– Все в порядке, хозяин!
И вполголоса добавил:
– В следующий раз будьте осторожны, вас чуть не смыло за борт…
– Спасибо, – промямлил я и, чтобы скрыть неловкую ситуацию, выкрикнул: – Всей команде без исключения выдать дополнительную порцию рома!
Мои слова были встречены всеобщим одобрением, после чего я, отказавшись от услуг бдительного Ингера и провожаемый насмешливым взглядом Син Бен У (по всей видимости, уже бывавшего в подобных переделках), спустился в каюту. Элизабет, сидя на кровати и прижимая к груди платье, расширенными глазами смотрела на меня.
– Что это было? – спросила она со страхом. – Так начало бросать, и все посыпалось вокруг…
– Шквал, – ответил я. – Внезапно налетел шквал. Но все миновало, и мы в полном порядке. Вот что такое океан, дорогая, – нрав его крайне коварен.
Элизабет облегченно вздохнула, и я, присев на кровать, обнял ее…
После этого ночного происшествия никаких особых казусов больше не приключалось, хотя признаюсь, что даже ливерпульская буря показалась мне пустяком по сравнению с этими страшными мгновениями. Все мои былые познания, полученные за время так и не завершенного обучения, развеялись как дым: я наглядно убедился, насколько белую ворону представлял я из себя по сравнению даже с судовым врачом. Ситтона я теперь слушался беспрекословно – корабль был полностью вверен ему, и я подписывал не глядя все предъявляемые мне сметы расходов по плаванию. Он никак не злоупотреблял этим. Средних лет, невысокого роста, с мягкими чертами лица, этот человек редко повышал голос при разговоре и на первый взгляд совершенно не соответствовал своей профессии, походя больше всего на священника или пастора. Про него говорили, что он и в самом деле вырос в семье священнослужителя, и это несомненно отложило отпечаток на его манеры и поведение – он был несколько замкнут и не лишен причуд. Однако грамотности и решительности в морском деле ему было не занимать – эпизод со шквалом только лишний раз доказал это.

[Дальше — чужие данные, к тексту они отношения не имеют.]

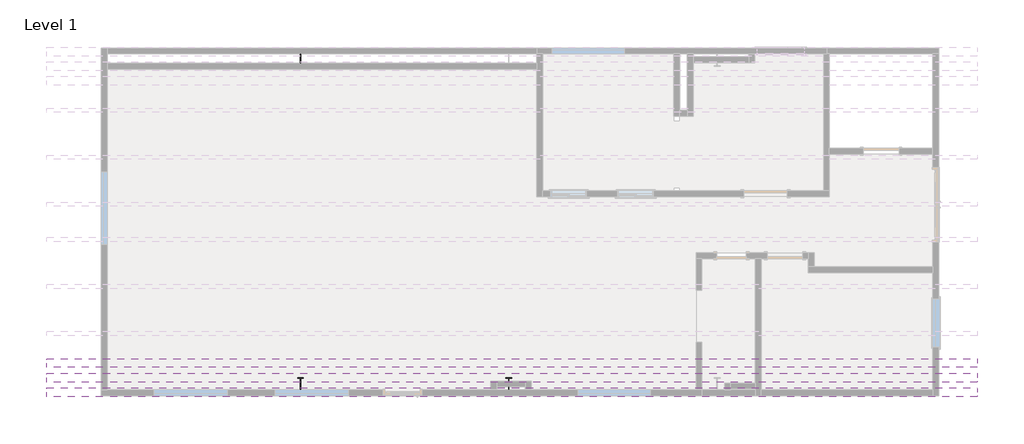
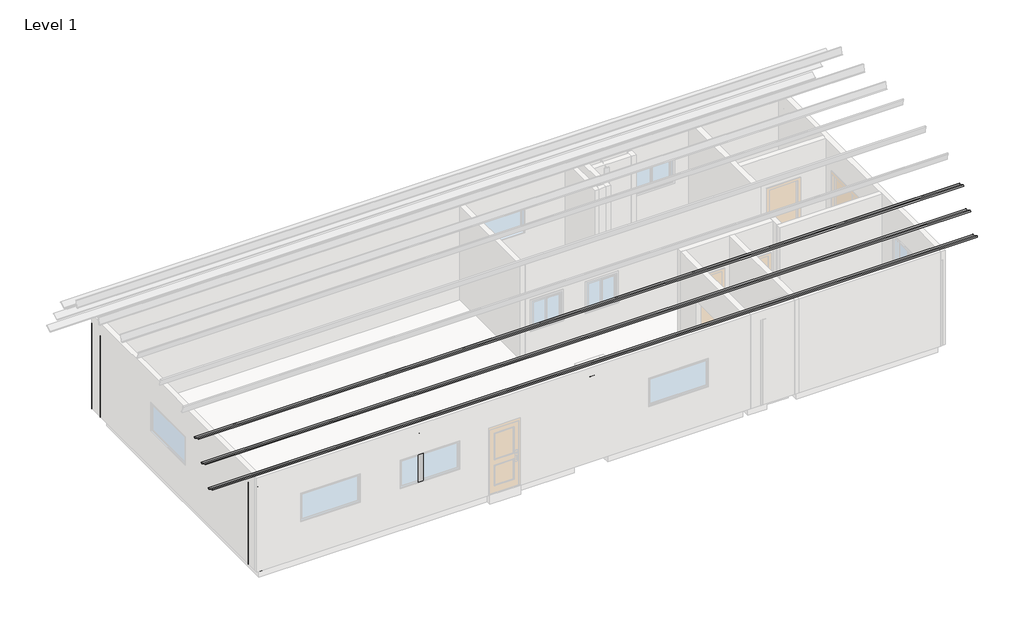
# One storey, part 2 of 3: 5 columns, 3 beams.
"""IFC4 building model written with IfcOpenShell, lengths in millimetres."""

import ifcopenshell
import ifcopenshell.guid

model = None  # the IFC model being written
_history = None  # IfcOwnerHistory: only IFC2X3 demands one
_inside = {}  # id of a spatial element -> (the spatial element, [elements in it])
_under = {}  # id of a project, library or spatial element -> (it, [spatial elements below it])
_declared = {}  # id of a project -> (the project, [libraries it declares])
_typed = {}  # id of a type object -> (the type object, [elements of that type])
_made_of = {}  # id of a material, layer set ... -> (it, [elements and type objects made of it])


def new_model(schema):
    """Start an empty IFC model of exactly this schema.

    Asked for "IFC4X3", IfcOpenShell would pick the latest addendum, in which some entities
    have other attributes; the version numbers below select the first issue.
    IFC2X3 requires an IfcOwnerHistory on every rooted entity: one is made here for all.
    """
    global model, _history
    if schema == "IFC4X3":
        model = ifcopenshell.file(schema_version=(4, 3, 0, 0))
    else:
        model = ifcopenshell.file(schema=schema)
    _inside.clear()
    _under.clear()
    _declared.clear()
    _typed.clear()
    _made_of.clear()
    _history = None
    if model.schema == "IFC2X3":
        org = make("IfcOrganization", Name="unknown")
        user = make(
            "IfcPersonAndOrganization",
            ThePerson=make("IfcPerson", FamilyName="unknown"),
            TheOrganization=org,
        )
        app = make(
            "IfcApplication",
            ApplicationDeveloper=org,
            Version="unknown",
            ApplicationFullName="unknown",
            ApplicationIdentifier="unknown",
        )
        _history = make(
            "IfcOwnerHistory",
            OwningUser=user,
            OwningApplication=app,
            ChangeAction="ADDED",
            CreationDate=0,
        )
    return model


def make(cls, **values):
    """One entity of the class cls with the attributes given. An attribute that is None is left unset."""
    return model.create_entity(
        cls, **{name: value for name, value in values.items() if value is not None}
    )


def rooted(cls, **values):
    """An entity with a GlobalId (a new one), such as an element, a storey or a relation."""
    return make(cls, GlobalId=ifcopenshell.guid.new(), OwnerHistory=_history, **values)


def si_unit(unit_type, name, prefix=None):
    """IfcSIUnit, for example si_unit("LENGTHUNIT", "METRE", prefix="MILLI")."""
    return make("IfcSIUnit", UnitType=unit_type, Prefix=prefix, Name=name)


def assignment(units):
    """IfcUnitAssignment: the units of a project."""
    return None if units is None else make("IfcUnitAssignment", Units=units)


def point(xyz):
    """IfcCartesianPoint."""
    return None if xyz is None else make("IfcCartesianPoint", Coordinates=xyz)


def direction(xyz):
    """IfcDirection."""
    return None if xyz is None else make("IfcDirection", DirectionRatios=xyz)


def frame(location, z_axis=None, x_axis=None):
    """IfcAxis2Placement3D, a coordinate frame: its origin and axes. An axis left out is left unset."""
    return make(
        "IfcAxis2Placement3D",
        Location=point(location),
        Axis=direction(z_axis),
        RefDirection=direction(x_axis),
    )


def origin():
    """The frame at (0, 0, 0) with its axes left unset."""
    return frame((0.0, 0.0, 0.0))


def place(relative_to, where):
    """IfcLocalPlacement: puts the frame where relative to a parent placement (None: the world)."""
    return make(
        "IfcLocalPlacement", PlacementRelTo=relative_to, RelativePlacement=where
    )


def context(
    kind, dimensions, precision=None, world=None, true_north=None, identifier=None
):
    """IfcGeometricRepresentationContext, for example the 3D "Model" context."""
    return make(
        "IfcGeometricRepresentationContext",
        ContextIdentifier=identifier,
        ContextType=kind,
        CoordinateSpaceDimension=dimensions,
        Precision=precision,
        WorldCoordinateSystem=world,
        TrueNorth=true_north,
    )


def project(units=None, contexts=None):
    """IfcProject with its units and contexts."""
    return rooted(
        "IfcProject",
        Name="project",
        RepresentationContexts=contexts,
        UnitsInContext=assignment(units),
    )


def spatial(cls, under=None, at=None, **own):
    """A site, building, storey or space (cls), placed at a placement, below another one or the project."""
    s = rooted(cls, ObjectPlacement=at, **own)
    if under is not None:
        _under.setdefault(under.id(), (under, []))[1].append(s)
    return s


def polyline(points):
    """IfcPolyline through the points."""
    return make("IfcPolyline", Points=[point(p) for p in points])


def circle_curve(where, radius):
    """IfcCircle in the frame where."""
    return make("IfcCircle", Position=where, Radius=radius)


def ellipse_curve(where, semi_axis1, semi_axis2):
    """IfcEllipse in the frame where."""
    return make(
        "IfcEllipse", Position=where, SemiAxis1=semi_axis1, SemiAxis2=semi_axis2
    )


def outline(outer, holes=None, kind="AREA"):
    """IfcArbitraryClosedProfileDef: a profile drawn as a closed curve; with holes, ...WithVoids."""
    if holes is None:
        return make("IfcArbitraryClosedProfileDef", ProfileType=kind, OuterCurve=outer)
    return make(
        "IfcArbitraryProfileDefWithVoids",
        ProfileType=kind,
        OuterCurve=outer,
        InnerCurves=holes,
    )


def extrude(swept, where, along, depth):
    """IfcExtrudedAreaSolid: the profile swept, set in the frame where, extruded along a direction by depth."""
    return make(
        "IfcExtrudedAreaSolid",
        SweptArea=swept,
        Position=where,
        ExtrudedDirection=direction(along),
        Depth=depth,
    )


def shape(context_of_items, identifier, shape_type, items):
    """IfcShapeRepresentation: the items that make up one representation, for example the "Body"."""
    return make(
        "IfcShapeRepresentation",
        ContextOfItems=context_of_items,
        RepresentationIdentifier=identifier,
        RepresentationType=shape_type,
        Items=items,
    )


def source(mapping_origin, context_of_items, identifier, shape_type, items):
    """IfcRepresentationMap: a shape defined once, which mapped items show again and again."""
    return make(
        "IfcRepresentationMap",
        MappingOrigin=mapping_origin,
        MappedRepresentation=shape(context_of_items, identifier, shape_type, items),
    )


def transform(
    local_origin,
    x_axis=None,
    y_axis=None,
    z_axis=None,
    scale=None,
    scale2=None,
    scale3=None,
    uniform=True,
):
    """IfcCartesianTransformationOperator3D, or its non-uniform kind. x_axis, y_axis, z_axis: its Axis1, 2, 3."""
    if uniform:
        return make(
            "IfcCartesianTransformationOperator3D",
            Axis1=direction(x_axis),
            Axis2=direction(y_axis),
            LocalOrigin=point(local_origin),
            Scale=scale,
            Axis3=direction(z_axis),
        )
    return make(
        "IfcCartesianTransformationOperator3DnonUniform",
        Axis1=direction(x_axis),
        Axis2=direction(y_axis),
        LocalOrigin=point(local_origin),
        Scale=scale,
        Axis3=direction(z_axis),
        Scale2=scale2,
        Scale3=scale3,
    )


def mapped(mapping_source, mapping_target):
    """IfcMappedItem: shows the shape of a source again, moved by a transform."""
    return make(
        "IfcMappedItem", MappingSource=mapping_source, MappingTarget=mapping_target
    )


def made_of(thing, what):
    """Note that an element or type object is made of a material, layer set ...; save() writes the relation."""
    if what is not None:
        _made_of.setdefault(what.id(), (what, []))[1].append(thing)
    return thing


def element(
    cls,
    number,
    at=None,
    inside=None,
    cuts=None,
    type_object=None,
    material=None,
    context=None,
    identifier="Body",
    shape_type=None,
    held_by="IfcProductDefinitionShape",
    body=None,
    shapes=None,
    **own,
):
    """One element of the class cls, such as IfcWall. Its Tag is "e" and its number.

    at: its placement. inside: the storey or other place that contains it. cuts: it is an
    opening in that element (IfcRelVoidsElement). A single representation is given by context,
    identifier, shape_type and body (its items); several are given by shapes. held_by: the class
    of the entity that holds the representations. save() writes the other relations.
    """
    e = rooted(cls, Tag="e%d" % number, ObjectPlacement=at, **own)
    if body is not None:
        shapes = [shape(context, identifier, shape_type, body)]
    if shapes is not None:
        e.Representation = make(held_by, Representations=shapes)
    if inside is not None:
        _inside.setdefault(inside.id(), (inside, []))[1].append(e)
    if cuts is not None:
        rooted(
            "IfcRelVoidsElement", RelatingBuildingElement=cuts, RelatedOpeningElement=e
        )
    if type_object is not None:
        _typed.setdefault(type_object.id(), (type_object, []))[1].append(e)
    return made_of(e, material)


def aggregate(whole, parts):
    """IfcRelAggregates: a whole, such as a stair, and the parts it consists of."""
    return rooted("IfcRelAggregates", RelatingObject=whole, RelatedObjects=parts)


def save(model, path):
    """Write the relations noted so far, then the file.

    IfcRelAggregates (storeys below a building ...), IfcRelContainedInSpatialStructure (elements
    in a storey), IfcRelDefinesByType, IfcRelAssociatesMaterial and IfcRelDeclares: one each for
    every whole, place, type object, material and project.
    """
    for whole, parts in _under.values():
        aggregate(whole, parts)
    for where, things in _inside.values():
        rooted(
            "IfcRelContainedInSpatialStructure",
            RelatedElements=things,
            RelatingStructure=where,
        )
    for kind, things in _typed.values():
        rooted("IfcRelDefinesByType", RelatedObjects=things, RelatingType=kind)
    for what, things in _made_of.values():
        rooted("IfcRelAssociatesMaterial", RelatedObjects=things, RelatingMaterial=what)
    for by, libraries in _declared.values():
        rooted("IfcRelDeclares", RelatingContext=by, RelatedDefinitions=libraries)
    model.write(path)


def plane_surface(at):
    """IfcPlane: the flat surface through the origin of the frame at, square to its z axis."""
    return make("IfcPlane", Position=at)


def revolved_surface(curve, axis_point, axis_direction):
    """IfcSurfaceOfRevolution: the curve turned about the line through axis_point along axis_direction."""
    return make(
        "IfcSurfaceOfRevolution",
        SweptCurve=make("IfcArbitraryOpenProfileDef", ProfileType="CURVE", Curve=curve),
        AxisPosition=make("IfcAxis1Placement", Location=point(axis_point), Axis=direction(axis_direction)),
    )


def advanced_brep(points, edges, surfaces, faces):
    """IfcAdvancedBrep: a solid bounded by faces that lie on surfaces and meet in shared edges.

    An edge is (start, end): straight between two places in points (the first is 0);
    or (start, end, curve); or (start, end, curve, False) where it runs against its curve.
    A face is (place in surfaces, loops), or (place, loops, False) where it looks against
    its surface's normal. A loop lists edges by number (the first is 1), with a minus sign
    where the edge is run from its end to its start. The first loop is the outer one.
    """
    corners = [point(p) for p in points]
    vertices = [make("IfcVertexPoint", VertexGeometry=c) for c in corners]
    made = []
    for start, end, *more in edges:
        made.append(
            make(
                "IfcEdgeCurve",
                EdgeStart=vertices[start],
                EdgeEnd=vertices[end],
                EdgeGeometry=more[0] if more else make("IfcPolyline", Points=[corners[start], corners[end]]),
                SameSense=more[1] if len(more) > 1 else True,
            )
        )
    hull = []
    for where, loops, *sense in faces:
        bounds = []
        for j, loop in enumerate(loops):
            ring = [make("IfcOrientedEdge", EdgeElement=made[abs(k) - 1], Orientation=k > 0) for k in loop]
            bounds.append(
                make(
                    "IfcFaceOuterBound" if j == 0 else "IfcFaceBound",
                    Bound=make("IfcEdgeLoop", EdgeList=ring),
                    Orientation=True,
                )
            )
        hull.append(make("IfcAdvancedFace", Bounds=bounds, FaceSurface=surfaces[where], SameSense=sense[0] if sense else True))
    return make("IfcAdvancedBrep", Outer=make("IfcClosedShell", CfsFaces=hull))


def z_shapes_z_3x8_0ff4bf34(model_context):
    return source(origin(), model_context, "Body", "SweptSolid", [
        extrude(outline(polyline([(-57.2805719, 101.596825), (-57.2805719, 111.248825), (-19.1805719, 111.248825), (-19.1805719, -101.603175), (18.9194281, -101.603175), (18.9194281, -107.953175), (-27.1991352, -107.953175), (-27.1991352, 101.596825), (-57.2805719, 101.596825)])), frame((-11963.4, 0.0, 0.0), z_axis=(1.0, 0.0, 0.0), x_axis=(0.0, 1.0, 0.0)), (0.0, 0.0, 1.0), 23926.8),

Полной противоположностью ему был Метью – высоченный, худой и узкоплечий, этот молодчик являл собой словно лицо команды: невежественный, чрезвычайно вспыльчивый, он признавал только силу авторитета рангов, отчего дня не бывало, чтобы он не поссорился с кем-то из матросов.
Берроу же был чрезвычайно словоохотлив и, несмотря на свой преклонный возраст, мог без устали болтать все двадцать четыре часа в сутки, перескакивая с темы на тему. Однако при этом он был весьма обидчив и отличался злопамятностью, так что особой любовью не пользовался ни у кого, в том числе и у меня. Впрочем, несмотря ни на что, на борту царила атмосфера слаженности и взаимопонимания, так что наше плавание проходило без всяких эксцессов. Раза три или четыре видели мы вдали паруса, и один раз я даже рассмотрел в свою подзорную трубу высокий корпус испанского галеона, что совсем не обрадовало меня.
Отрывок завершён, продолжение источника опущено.